Revoltado no supermercado

Posted: December 19, 2013 in Comportamento, Outros
Tags: , , , ,

SUPERMERCADO-LOTADOImaginem aquele dia que nada dá certo… Aquele dia em que muitos teriam se arrependido de sair da cama.

Agora completem esse dia com a obrigatoriedade de passar no mercado. Isso aconteceu comigo.

Como estava com muito trabalho, decidi passar numa dessas redes grandes, com horário mais flexível, no caso, aberta as 24h do dia. Pensei com meus botões que evitaria não só trânsito, mas também stress.

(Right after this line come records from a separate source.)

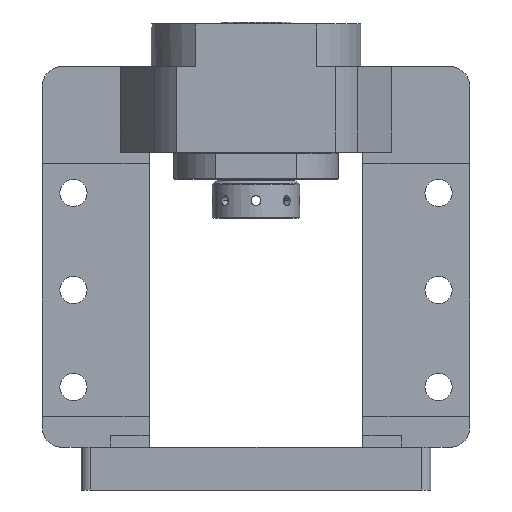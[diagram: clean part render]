
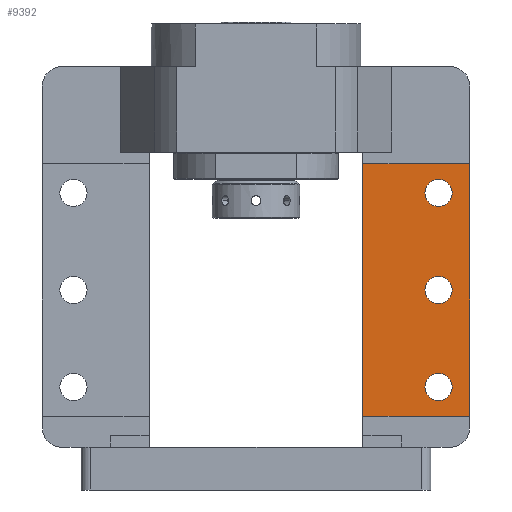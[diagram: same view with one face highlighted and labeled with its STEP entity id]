
A CAD part, front view. The second image highlights one B-rep face of the part: STEP entity #9392.
In plain terms, the highlighted planar face has unit normal (0, -1, 0).
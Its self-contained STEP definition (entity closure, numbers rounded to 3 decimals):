
#276 = VERTEX_POINT ( 'NONE', #3253 ) ;
#336 = CARTESIAN_POINT ( 'NONE',  ( 110., 0., 225. ) ) ;
#374 = CARTESIAN_POINT ( 'NONE',  ( 94., 0., 53. ) ) ;
#510 = EDGE_CURVE ( 'NONE', #13867, #13171, #10635, .T. ) ;
#534 = CARTESIAN_POINT ( 'NONE',  ( 110., 0., 168. ) ) ;
#772 = CARTESIAN_POINT ( 'NONE',  ( 55., 0., 168. ) ) ;
#1130 = DIRECTION ( 'NONE',  ( 0., -1., 0. ) ) ;
#1488 = VERTEX_POINT ( 'NONE', #12534 ) ;
#1760 = VECTOR ( 'NONE', #8078, 1000. ) ;
#1793 = DIRECTION ( 'NONE',  ( 1., 0., 0. ) ) ;
#1827 = DIRECTION ( 'NONE',  ( 0., -1., 0. ) ) ;
#2197 = DIRECTION ( 'NONE',  ( 0., 0., -1. ) ) ;
#2941 = ORIENTED_EDGE ( 'NONE', *, *, #5952, .F. ) ;
#3092 = EDGE_CURVE ( 'NONE', #20421, #1488, #6915, .T. ) ;
#3253 = CARTESIAN_POINT ( 'NONE',  ( 94., 0., 46. ) ) ;
#3276 = DIRECTION ( 'NONE',  ( 0., 0., -1. ) ) ;
#3850 = CARTESIAN_POINT ( 'NONE',  ( 94., 0., 146. ) ) ;
#4306 = EDGE_CURVE ( 'NONE', #12686, #18085, #15455, .T. ) ;
#4917 = ORIENTED_EDGE ( 'NONE', *, *, #6570, .F. ) ;
#5480 = EDGE_LOOP ( 'NONE', ( #9309, #2941 ) ) ;
#5504 = VECTOR ( 'NONE', #1793, 1000. ) ;
#5736 = EDGE_LOOP ( 'NONE', ( #4917, #7860, #14457, #6309 ) ) ;
#5884 = EDGE_CURVE ( 'NONE', #276, #22553, #12556, .T. ) ;
#5952 = EDGE_CURVE ( 'NONE', #1488, #20421, #15705, .T. ) ;
#5996 = CARTESIAN_POINT ( 'NONE',  ( 94., 0., 96. ) ) ;
#6309 = ORIENTED_EDGE ( 'NONE', *, *, #16840, .T. ) ;
#6570 = EDGE_CURVE ( 'NONE', #22398, #12819, #14835, .T. ) ;
#6783 = FACE_BOUND ( 'NONE', #20757, .T. ) ;
#6826 = CARTESIAN_POINT ( 'NONE',  ( 110., 0., 225. ) ) ;
#6915 = CIRCLE ( 'NONE', #10264, 7. ) ;
#7016 = CIRCLE ( 'NONE', #7308, 7. ) ;
#7308 = AXIS2_PLACEMENT_3D ( 'NONE', #12731, #1827, #14580 ) ;
#7353 = FACE_BOUND ( 'NONE', #12862, .T. ) ;
#7860 = ORIENTED_EDGE ( 'NONE', *, *, #17893, .T. ) ;
#8078 = DIRECTION ( 'NONE',  ( -1., 0., 0. ) ) ;
#8080 = ORIENTED_EDGE ( 'NONE', *, *, #12152, .F. ) ;
#8286 = CARTESIAN_POINT ( 'NONE',  ( 94., 0., 53. ) ) ;
#8680 = CARTESIAN_POINT ( 'NONE',  ( 55., 0., 225. ) ) ;
#8692 = CIRCLE ( 'NONE', #13582, 7. ) ;
#9093 = AXIS2_PLACEMENT_3D ( 'NONE', #8286, #21040, #10129 ) ;
#9127 = DIRECTION ( 'NONE',  ( 0., 0., -1. ) ) ;
#9309 = ORIENTED_EDGE ( 'NONE', *, *, #3092, .F. ) ;
#9392 = ADVANCED_FACE ( 'NONE', ( #7353, #6783, #11620, #16484 ), #17759, .T. ) ;
#9525 = CARTESIAN_POINT ( 'NONE',  ( 94., 0., 103. ) ) ;
#9950 = CARTESIAN_POINT ( 'NONE',  ( 110., 0., 168. ) ) ;
#10129 = DIRECTION ( 'NONE',  ( 0., 0., -1. ) ) ;
#10264 = AXIS2_PLACEMENT_3D ( 'NONE', #9525, #22260, #11353 ) ;
#10598 = VECTOR ( 'NONE', #3276, 1000. ) ;
#10635 = CIRCLE ( 'NONE', #17897, 7. ) ;
#10871 = CARTESIAN_POINT ( 'NONE',  ( 110., 0., 38. ) ) ;
#10958 = CARTESIAN_POINT ( 'NONE',  ( 94., 0., 153. ) ) ;
#11119 = VECTOR ( 'NONE', #14912, 1000. ) ;
#11353 = DIRECTION ( 'NONE',  ( 0., 0., -1. ) ) ;
#11620 = FACE_BOUND ( 'NONE', #5480, .T. ) ;
#12040 = CARTESIAN_POINT ( 'NONE',  ( 94., 0., 103. ) ) ;
#12152 = EDGE_CURVE ( 'NONE', #13171, #13867, #7016, .T. ) ;
#12237 = ORIENTED_EDGE ( 'NONE', *, *, #510, .F. ) ;
#12534 = CARTESIAN_POINT ( 'NONE',  ( 94., 0., 110. ) ) ;
#12556 = CIRCLE ( 'NONE', #9093, 7. ) ;
#12686 = VERTEX_POINT ( 'NONE', #772 ) ;
#12731 = CARTESIAN_POINT ( 'NONE',  ( 94., 0., 153. ) ) ;
#12819 = VERTEX_POINT ( 'NONE', #15962 ) ;
#12862 = EDGE_LOOP ( 'NONE', ( #8080, #12237 ) ) ;
#13095 = DIRECTION ( 'NONE',  ( 0., -1., 0. ) ) ;
#13171 = VERTEX_POINT ( 'NONE', #3850 ) ;
#13582 = AXIS2_PLACEMENT_3D ( 'NONE', #374, #13095, #2197 ) ;
#13687 = AXIS2_PLACEMENT_3D ( 'NONE', #6826, #17604, #21403 ) ;
#13759 = ORIENTED_EDGE ( 'NONE', *, *, #13956, .F. ) ;
#13867 = VERTEX_POINT ( 'NONE', #16226 ) ;
#13869 = DIRECTION ( 'NONE',  ( 0., 0., -1. ) ) ;
#13937 = CARTESIAN_POINT ( 'NONE',  ( 94., 0., 60. ) ) ;
#13956 = EDGE_CURVE ( 'NONE', #22553, #276, #8692, .T. ) ;
#14457 = ORIENTED_EDGE ( 'NONE', *, *, #4306, .T. ) ;
#14580 = DIRECTION ( 'NONE',  ( 0., 0., -1. ) ) ;
#14835 = LINE ( 'NONE', #336, #11119 ) ;
#14912 = DIRECTION ( 'NONE',  ( 0., 0., -1. ) ) ;
#15455 = LINE ( 'NONE', #8680, #10598 ) ;
#15705 = CIRCLE ( 'NONE', #16436, 7. ) ;
#15962 = CARTESIAN_POINT ( 'NONE',  ( 110., 0., 38. ) ) ;
#16226 = CARTESIAN_POINT ( 'NONE',  ( 94., 0., 160. ) ) ;
#16436 = AXIS2_PLACEMENT_3D ( 'NONE', #12040, #1130, #13869 ) ;
#16484 = FACE_OUTER_BOUND ( 'NONE', #5736, .T. ) ;
#16840 = EDGE_CURVE ( 'NONE', #18085, #12819, #20038, .T. ) ;
#17604 = DIRECTION ( 'NONE',  ( 0., -1., 0. ) ) ;
#17759 = PLANE ( 'NONE',  #13687 ) ;
#17893 = EDGE_CURVE ( 'NONE', #22398, #12686, #21145, .T. ) ;
#17897 = AXIS2_PLACEMENT_3D ( 'NONE', #10958, #21874, #9127 ) ;
#18085 = VERTEX_POINT ( 'NONE', #21838 ) ;
#20038 = LINE ( 'NONE', #10871, #5504 ) ;
#20221 = ORIENTED_EDGE ( 'NONE', *, *, #5884, .F. ) ;
#20421 = VERTEX_POINT ( 'NONE', #5996 ) ;
#20757 = EDGE_LOOP ( 'NONE', ( #20221, #13759 ) ) ;
#21040 = DIRECTION ( 'NONE',  ( 0., -1., 0. ) ) ;
#21145 = LINE ( 'NONE', #534, #1760 ) ;
#21403 = DIRECTION ( 'NONE',  ( 0., 0., -1. ) ) ;
#21838 = CARTESIAN_POINT ( 'NONE',  ( 55., 0., 38. ) ) ;
#21874 = DIRECTION ( 'NONE',  ( 0., -1., 0. ) ) ;
#22260 = DIRECTION ( 'NONE',  ( 0., -1., 0. ) ) ;
#22398 = VERTEX_POINT ( 'NONE', #9950 ) ;
#22553 = VERTEX_POINT ( 'NONE', #13937 ) ;

Pois bem, tinha lista de compras, cheguei ao mercado sem trânsito, estacionei perto da entrada evitando vagas demarcadas para idosos, gestantes e deficientes e peguei meu carrinho.

Aí começou o martírio…

Como encontrar os preços dos produtos? As placas indicativas são confusas e nunca estão nos lugares certos; sem contar que o preço do Colgate fresh vermelho pode ser diferente do preço do preto. E a placa encontrada é a do verde!

“Mas existem dispositivos para leitura do código de barras” – alguém pode argumentar. Sim, elas existem. Mas só as vezes funcionam e quando são encontradas!

Segundo detalhe: as marcas que você quer sempre estão escondidas. Geralmente na prateleira de baixo, com acesso complicado ou no final do corredor, depois que já foram escolhidos os produtos de marca própria. É como se houvesse uma “máfia” para vender o produto “Carrefour” ou os produtos da marca que paga para aparecer nas prateleiras “preferenciais”.

 

Uma constatação cada vez mais gritante: tenho a impressão de ser sacaneado dia após dia em relação ao tamanho da embalagem dos produtos.

Citando um exemplo: determinado pacote de bolachas tinha 200g e custava “x”, depois passou a ter 180g e 160g, mas manteve o preço. Daí aumentam o preço em 20% e colocam num pacote especial a inscrição: “20g grátis!”. Por último lançam pacotes menores, com nomes sugestivos, tipo “lanchinho” e retomam o pacote de 200g com o nome de “família”. E, logicamente, o preço do menor será “x” e o “família” custará o dobro.

E é assim com desodorantes, cerveja em diferentes formatos, papel higiênico… A ideia parece ser confundir o consumidor na avaliação do preço ou custo x benefício.

Outra coisa que me revolta profundamente: o consumo de produtos no interior do mercado! Principalmente porque não há intenção de pagar por eles; sejam salgadinhos, iogurtes, chocolates, bolachas e até cerveja (uma rede colocou geladeiras com cerveja gelada e já vi por duas vezes pessoas consumindo na fila do caixa, largando as latas por ali).

Esse consumo se acentua quando há presença de crianças. Aliás, pra quê levar criança pro mercado?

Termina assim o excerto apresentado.